Count every line in the data below where "instance" occurs, then state that number and nothing more.

━━━━━━━━━━

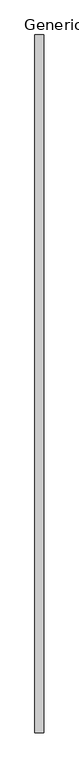
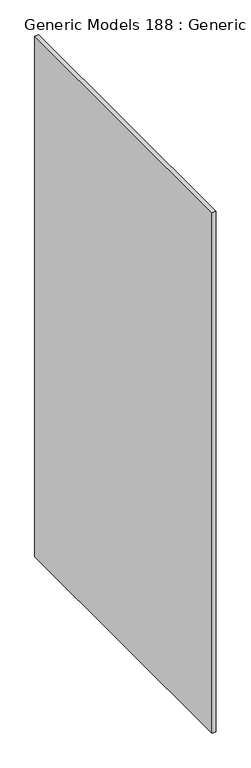
"""IFC4 building model written with IfcOpenShell, lengths in millimetres: proxy geometry, Generic Models 188 : Generic Models 1."""

from ifc_helpers import new_model, si_unit, frame, origin, place, context, project, spatial, polyline, outline, extrude, source, transform, mapped, element, save


def generic_models_188_generic_models_1_1a6d81a6(model_context):
    return source(origin(), model_context, "Body", "SweptSolid", [
        extrude(outline(polyline([(47361.475, 1219.2), (47361.475, 0.0), (47345.6, 0.0), (47345.6, 1219.2), (47361.475, 1219.2)])), frame((0.0, 0.0, 6.35), z_axis=(0.0, 0.0, 1.0), x_axis=(1.0, 0.0, 0.0)), (0.0, 0.0, 1.0), 2181.8704978),
    ])


if __name__ == "__main__":
    model = new_model("IFC4")
    model_context = context("Model", 3, world=origin())
    ifc_project = project(units=[si_unit("LENGTHUNIT", "METRE", prefix="MILLI")], contexts=[model_context])
    site = spatial("IfcSite", under=ifc_project)
    building = spatial("IfcBuilding", under=site)
    placement = place(None, origin())
    generic_models_188_generic_models_1_shape = generic_models_188_generic_models_1_1a6d81a6(model_context)
    element("IfcBuildingElementProxy", 1, Name="Generic Models 188 : Generic Models 1", ObjectType="Generic Models 188 : Generic Models 1", at=placement, inside=building, context=model_context, shape_type="MappedRepresentation", body=[
        mapped(generic_models_188_generic_models_1_shape, transform((0.0, 0.0, 0.0), x_axis=(1.0, 0.0, 0.0), y_axis=(0.0, 1.0, 0.0), z_axis=(0.0, 0.0, 1.0))),
    ])
    save(model, "model.ifc")

# Revit data of these elements
# Element 1 (IfcBuildingElementProxy, "Generic Models 188 : Generic Models 1")
#   Materials on its faces: "GYP. BD (SEE 'WALL TAG' & 'LAYER MATERIAL SCHEDULE' FOR DETAILS)"
# Materials
#   "GYP. BD (SEE 'WALL TAG' & 'LAYER MATERIAL SCHEDULE' FOR DETAILS)": class "Generic", colour RGB 237 236 233, transparency 0, Description = "Gypsum Wall Board", Cost = 0
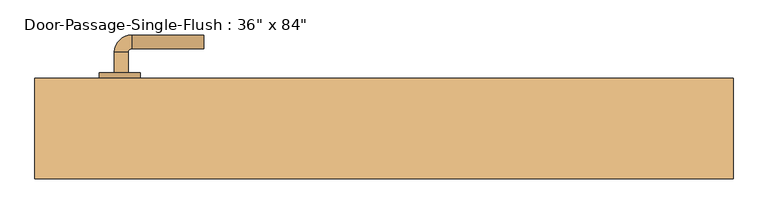
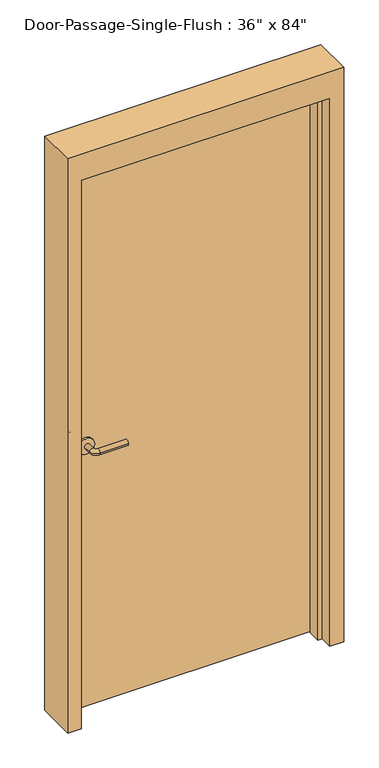
"""IFC4 building model written with IfcOpenShell, lengths in millimetres: door geometry."""

from ifc_helpers import new_model, si_unit, point, frame, frame_2d, origin, origin_with_axes, place, context, project, spatial, polyline, circle_curve, ellipse_curve, trimmed, segment, composite_curve, outline, extrude, faceted_brep, source, transform, mapped, element, save
from ifc_brep_helpers import plane_surface, cylinder_surface, revolved_surface, advanced_brep


def door_e56c0533(model_context):
    return source(origin(), model_context, "Body", "SolidModel", [
        advanced_brep(
        [(-392.190625, 76.1375, 1016.0), (-372.190625, 76.1375, 1016.0), (-372.190625, 46.1375, 1016.0), (-392.190625, 46.1375, 1016.0), (-367.190625, 41.1375, 1016.0), (-367.190625, 21.1375, 1016.0), (-262.190625, 21.1375, 1016.0), (-262.190625, 41.1375, 1016.0)],
        [
            (0, 1, circle_curve(frame((-382.190625, 76.1375, 1016.0), z_axis=(0.0, 1.0, 0.0), x_axis=(1.0, 0.0, 0.0)), 10.0)),
            (1, 0, circle_curve(frame((-382.190625, 76.1375, 1016.0), z_axis=(0.0, 1.0, 0.0), x_axis=(1.0, 0.0, 0.0)), 10.0)),
            (1, 2),
            (2, 3, circle_curve(frame((-382.190625, 46.1375, 1016.0), z_axis=(0.0, 1.0, 0.0), x_axis=(1.0, 0.0, 0.0)), 10.0)),
            (3, 0),
            (3, 2, circle_curve(frame((-382.190625, 46.1375, 1016.0), z_axis=(0.0, 1.0, 0.0), x_axis=(1.0, 0.0, 0.0)), 10.0)),
            (4, 5, circle_curve(frame((-367.190625, 31.1375, 1016.0), z_axis=(-1.0, 0.0, 0.0), x_axis=(0.0, 1.0, 0.0)), 10.0)),
            (5, 3, circle_curve(frame((-367.190625, 46.1375, 1016.0), z_axis=(0.0, 0.0, -1.0), x_axis=(-1.0, 0.0, 0.0)), 25.0)),
            (2, 4, circle_curve(frame((-367.190625, 46.1375, 1016.0), z_axis=(0.0, 0.0, 1.0), x_axis=(-1.0, 0.0, 0.0)), 5.0)),
            (5, 4, circle_curve(frame((-367.190625, 31.1375, 1016.0), z_axis=(-1.0, 0.0, 0.0), x_axis=(0.0, 1.0, 0.0)), 10.0)),
            (6, 7, circle_curve(frame((-262.190625, 31.1375, 1016.0), z_axis=(1.0, 0.0, 0.0), x_axis=(0.0, 1.0, 0.0)), 10.0)),
            (7, 6, circle_curve(frame((-262.190625, 31.1375, 1016.0), z_axis=(1.0, 0.0, 0.0), x_axis=(0.0, 1.0, 0.0)), 10.0)),
            (4, 7),
            (6, 5),
        ],
        [
            plane_surface(frame((-382.190625, 76.1375, 1016.0), z_axis=(0.0, 1.0, 0.0), x_axis=(0.0, 0.0, 1.0))),
            cylinder_surface(frame((-382.190625, 76.1375, 1016.0), z_axis=(0.0, 1.0, 0.0), x_axis=(1.0, 0.0, 0.0)), 10.0),
            revolved_surface(trimmed(ellipse_curve(frame((-382.190625, 46.1375, 1016.0), z_axis=(0.0, -1.0, 0.0), x_axis=(1.0, 0.0, 0.0)), 10.0, 10.0), [point((-392.190625, 46.1375, 1016.0))], [point((-372.190625, 46.1375, 1016.0))], True, "CARTESIAN"), (-367.190625, 46.1375, 1016.0), (0.0, 0.0, -1.0)),
            revolved_surface(trimmed(ellipse_curve(frame((-382.190625, 46.1375, 1016.0), z_axis=(0.0, -1.0, 0.0), x_axis=(1.0, 0.0, 0.0)), 10.0, 10.0), [point((-372.190625, 46.1375, 1016.0))], [point((-392.190625, 46.1375, 1016.0))], True, "CARTESIAN"), (-367.190625, 46.1375, 1016.0), (0.0, 0.0, -1.0)),
            plane_surface(frame((-262.190625, 31.1375, 1016.0), z_axis=(1.0, 0.0, 0.0), x_axis=(0.0, 0.0, 1.0))),
            cylinder_surface(frame((-367.190625, 31.1375, 1016.0), z_axis=(-1.0, 0.0, 0.0), x_axis=(0.0, 1.0, 0.0)), 10.0),
        ],
        [
            (0, [[1, 2]]),
            (1, [[3, 4, 5, -2]]),
            (1, [[-5, 6, -3, -1]]),
            (2, [[7, 8, -4, 9]]),
            (3, [[10, -9, -6, -8]]),
            (4, [[11, 12]]),
            (5, [[13, -11, 14, -7]]),
            (5, [[-14, -12, -13, -10]]),
        ],
    ),
        extrude(outline(composite_curve([segment(trimmed(circle_curve(frame_2d((1016.0, -384.690625)), 30.0), [point((1016.0, -414.690625))], [point((1016.0, -354.690625))], False, "CARTESIAN"), True, "CONTINUOUS"), segment(trimmed(circle_curve(frame_2d((1016.0, -384.690625)), 30.0), [point((1016.0, -354.690625))], [point((1016.0, -414.690625))], False, "CARTESIAN"), True, "CONTINUOUS")], self_intersect=False)), frame((0.0, 76.1375, 0.0), z_axis=(0.0, 1.0, 0.0), x_axis=(0.0, 0.0, 1.0)), (0.0, 0.0, 1.0), 8.0),
        advanced_brep(
        [(-392.190625, 136.5875, 1016.0), (-372.190625, 136.5875, 1016.0), (-392.190625, 166.5875, 1016.0), (-372.190625, 166.5875, 1016.0), (-367.190625, 171.5875, 1016.0), (-367.190625, 191.5875, 1016.0), (-262.190625, 191.5875, 1016.0), (-262.190625, 171.5875, 1016.0)],
        [
            (0, 1, circle_curve(frame((-382.190625, 136.5875, 1016.0), z_axis=(0.0, -1.0, 0.0), x_axis=(1.0, 0.0, 0.0)), 10.0)),
            (1, 0, circle_curve(frame((-382.190625, 136.5875, 1016.0), z_axis=(0.0, -1.0, 0.0), x_axis=(1.0, 0.0, 0.0)), 10.0)),
            (0, 2),
            (2, 3, circle_curve(frame((-382.190625, 166.5875, 1016.0), z_axis=(0.0, -1.0, 0.0), x_axis=(1.0, 0.0, 0.0)), 10.0)),
            (3, 1),
            (3, 2, circle_curve(frame((-382.190625, 166.5875, 1016.0), z_axis=(0.0, -1.0, 0.0), x_axis=(1.0, 0.0, 0.0)), 10.0)),
            (4, 3, circle_curve(frame((-367.190625, 166.5875, 1016.0), z_axis=(0.0, 0.0, 1.0), x_axis=(-1.0, 0.0, 0.0)), 5.0)),
            (2, 5, circle_curve(frame((-367.190625, 166.5875, 1016.0), z_axis=(0.0, 0.0, -1.0), x_axis=(-1.0, 0.0, 0.0)), 25.0)),
            (5, 4, circle_curve(frame((-367.190625, 181.5875, 1016.0), z_axis=(-1.0, 0.0, 0.0), x_axis=(0.0, -1.0, 0.0)), 10.0)),
            (4, 5, circle_curve(frame((-367.190625, 181.5875, 1016.0), z_axis=(-1.0, 0.0, 0.0), x_axis=(0.0, -1.0, 0.0)), 10.0)),
            (6, 7, circle_curve(frame((-262.190625, 181.5875, 1016.0), z_axis=(1.0, 0.0, 0.0), x_axis=(0.0, -1.0, 0.0)), 10.0)),
            (7, 6, circle_curve(frame((-262.190625, 181.5875, 1016.0), z_axis=(1.0, 0.0, 0.0), x_axis=(0.0, -1.0, 0.0)), 10.0)),
            (5, 6),
            (7, 4),
        ],
        [
            plane_surface(frame((-382.190625, 136.5875, 1016.0), z_axis=(0.0, -1.0, 0.0), x_axis=(0.0, 0.0, 1.0))),
            cylinder_surface(frame((-382.190625, 136.5875, 1016.0), z_axis=(0.0, -1.0, 0.0), x_axis=(1.0, 0.0, 0.0)), 10.0),
            revolved_surface(trimmed(ellipse_curve(frame((-382.190625, 166.5875, 1016.0), z_axis=(0.0, -1.0, 0.0), x_axis=(1.0, 0.0, 0.0)), 10.0, 10.0), [point((-392.190625, 166.5875, 1016.0))], [point((-372.190625, 166.5875, 1016.0))], True, "CARTESIAN"), (-367.190625, 166.5875, 1016.0), (0.0, 0.0, -1.0)),
            revolved_surface(trimmed(ellipse_curve(frame((-382.190625, 166.5875, 1016.0), z_axis=(0.0, -1.0, 0.0), x_axis=(1.0, 0.0, 0.0)), 10.0, 10.0), [point((-372.190625, 166.5875, 1016.0))], [point((-392.190625, 166.5875, 1016.0))], True, "CARTESIAN"), (-367.190625, 166.5875, 1016.0), (0.0, 0.0, -1.0)),
            plane_surface(frame((-262.190625, 181.5875, 1016.0), z_axis=(1.0, 0.0, 0.0), x_axis=(0.0, 0.0, 1.0))),
            cylinder_surface(frame((-367.190625, 181.5875, 1016.0), z_axis=(-1.0, 0.0, 0.0), x_axis=(0.0, -1.0, 0.0)), 10.0),
        ],
        [
            (0, [[1, 2]]),
            (1, [[-1, 3, 4, 5]]),
            (1, [[-2, -5, 6, -3]]),
            (2, [[7, -4, 8, 9]]),
            (3, [[-8, -6, -7, 10]]),
            (4, [[11, 12]]),
            (5, [[-9, 13, -12, 14]]),
            (5, [[-10, -14, -11, -13]]),
        ],
    ),
        extrude(outline(composite_curve([segment(trimmed(circle_curve(frame_2d((1016.0, -384.690625)), 30.0), [point((1016.0, -414.690625))], [point((1016.0, -354.690625))], False, "CARTESIAN"), True, "CONTINUOUS"), segment(trimmed(circle_curve(frame_2d((1016.0, -384.690625)), 30.0), [point((1016.0, -354.690625))], [point((1016.0, -414.690625))], False, "CARTESIAN"), True, "CONTINUOUS")], self_intersect=False)), frame((0.0, 128.5875, 0.0), z_axis=(0.0, 1.0, 0.0), x_axis=(0.0, 0.0, 1.0)), (0.0, 0.0, 1.0), 8.0),
        faceted_brep([(457.2, 79.375, 0.0), (457.2, 128.5875, 0.0), (508.0, 128.5875, 0.0), (508.0, -17.4625, 0.0), (457.2, -17.4625, 0.0), (457.2, 31.75, 0.0), (441.325, 31.75, 0.0), (441.325, 79.375, 0.0), (457.2, 79.375, 2133.6), (457.2, 128.5875, 2133.6), (-457.2, 128.5875, 2133.6), (-457.2, 128.5875, 0.0), (-508.0, 128.5875, 0.0), (-508.0, 128.5875, 2235.2), (508.0, 128.5875, 2235.2), (508.0, -17.4625, 2235.2), (-508.0, -17.4625, 2235.2), (-508.0, -17.4625, 0.0), (-457.2, -17.4625, 0.0), (-457.2, -17.4625, 2133.6), (457.2, -17.4625, 2133.6), (457.2, 31.75, 2133.6), (-457.2, 31.75, 2133.6), (-457.2, 31.75, 0.0), (-441.325, 31.75, 0.0), (-441.325, 31.75, 2117.725), (441.325, 31.75, 2117.725), (441.325, 79.375, 2117.725), (-441.325, 79.375, 2117.725), (-441.325, 79.375, 0.0), (-457.2, 79.375, 0.0), (-457.2, 79.375, 2133.6)], [[[0, 1, 2, 3, 4, 5, 6, 7]], [[1, 0, 8, 9]], [[2, 1, 9, 10, 11, 12, 13, 14]], [[3, 2, 14, 15]], [[4, 3, 15, 16, 17, 18, 19, 20]], [[5, 4, 20, 21]], [[6, 5, 21, 22, 23, 24, 25, 26]], [[7, 6, 26, 27]], [[0, 7, 27, 28, 29, 30, 31, 8]], [[9, 8, 31, 10]], [[20, 19, 22, 21]], [[26, 25, 28, 27]], [[12, 11, 30, 29, 24, 23, 18, 17]], [[11, 10, 31, 30]], [[13, 12, 17, 16]], [[19, 18, 23, 22]], [[25, 24, 29, 28]], [[15, 14, 13, 16]]]),
        extrude(outline(polyline([(457.2, 84.1375), (-457.2, 84.1375), (-457.2, 128.5875), (457.2, 128.5875), (457.2, 84.1375)])), origin_with_axes(), (0.0, 0.0, 1.0), 2133.6),
    ])


if __name__ == "__main__":
    model = new_model("IFC4")
    model_context = context("Model", 3, world=origin())
    ifc_project = project(units=[si_unit("LENGTHUNIT", "METRE", prefix="MILLI")], contexts=[model_context])
    site = spatial("IfcSite", under=ifc_project)
    building = spatial("IfcBuilding", under=site)
    placement = place(None, origin())
    door_shape = door_e56c0533(model_context)
    element("IfcDoor", 1, ObjectType="Door-Passage-Single-Flush : 36\" x 84\"", at=placement, inside=building, context=model_context, shape_type="MappedRepresentation", body=[
        mapped(door_shape, transform((0.0, 0.0, 0.0), x_axis=(1.0, 0.0, 0.0), y_axis=(0.0, 1.0, 0.0), z_axis=(0.0, 0.0, 1.0))),
    ])
    save(model, "model.ifc")

# Revit data of these elements
# Type "Door-Passage-Single-Flush : 36\" x 84\""
#   Type Mark = "1"
#   Assembly Code = "B2030200"
#   Analytic Construction = "Wooden"
#   Thickness = 0' - 1 3/4"
#   Thermal Resistance (R) = 2.5876 (h·ft²·°F)/BTU
#   Swing Angle [instance default] = 90.00°
#   Strike Height = 3' - 4"
#   Rough Width [instance default] = 3' - 4"
#   Rough Height [instance default] = 7' - 4"
#   MF Opening Height [instance default] = 0' - 4"
#   MF Opening Width [instance default] = 0' - 4"
#   Inset Calculate [instance default] = 0' - 4"
#   Masonry Inset [instance default] = 0' - 1"
#   Height = 7' - 0"
#   Width = 3' - 0"
#   Heat Transfer Coefficient (U) = 0.3865 BTU/(h·ft²·°F)
#   Masonry Frame Depth = 0' - 5 3/4"
#   Define Thermal Properties by = 1
#   Masonry Frame [instance default] = yes
#   Function = 1
#   Dry Wall Frame [instance default] = no
#   Panel Material = Wood - Birch
#   Frame Material = Metal - Paint Finish - Grey
#   Door Handle Material = Aluminum
#   Visual Light Transmittance = 0
#   Solar Heat Gain Coefficient = 0
#   Wall Closure = (empty or 0)
# Element 1 (IfcDoor, "Door-Passage-Single-Flush : 36\" x 84\"")
#   Materials on its faces: "Aluminum", "Metal - Paint Finish - Grey", "Wood - Birch"
# Materials
#   "Wood - Birch": class "Wood", colour RGB 166 116 52, transparency 0, Cost = 0
#   "Metal - Paint Finish - Grey": class "Paint", colour RGB 104 104 104, transparency 0, Cost = 0
#   "Aluminum": class "Metal", colour RGB 247 247 247, transparency 0, Description = "Aluminum 6061", Cost = 0

━━━━━━━━━━

Answer box> 9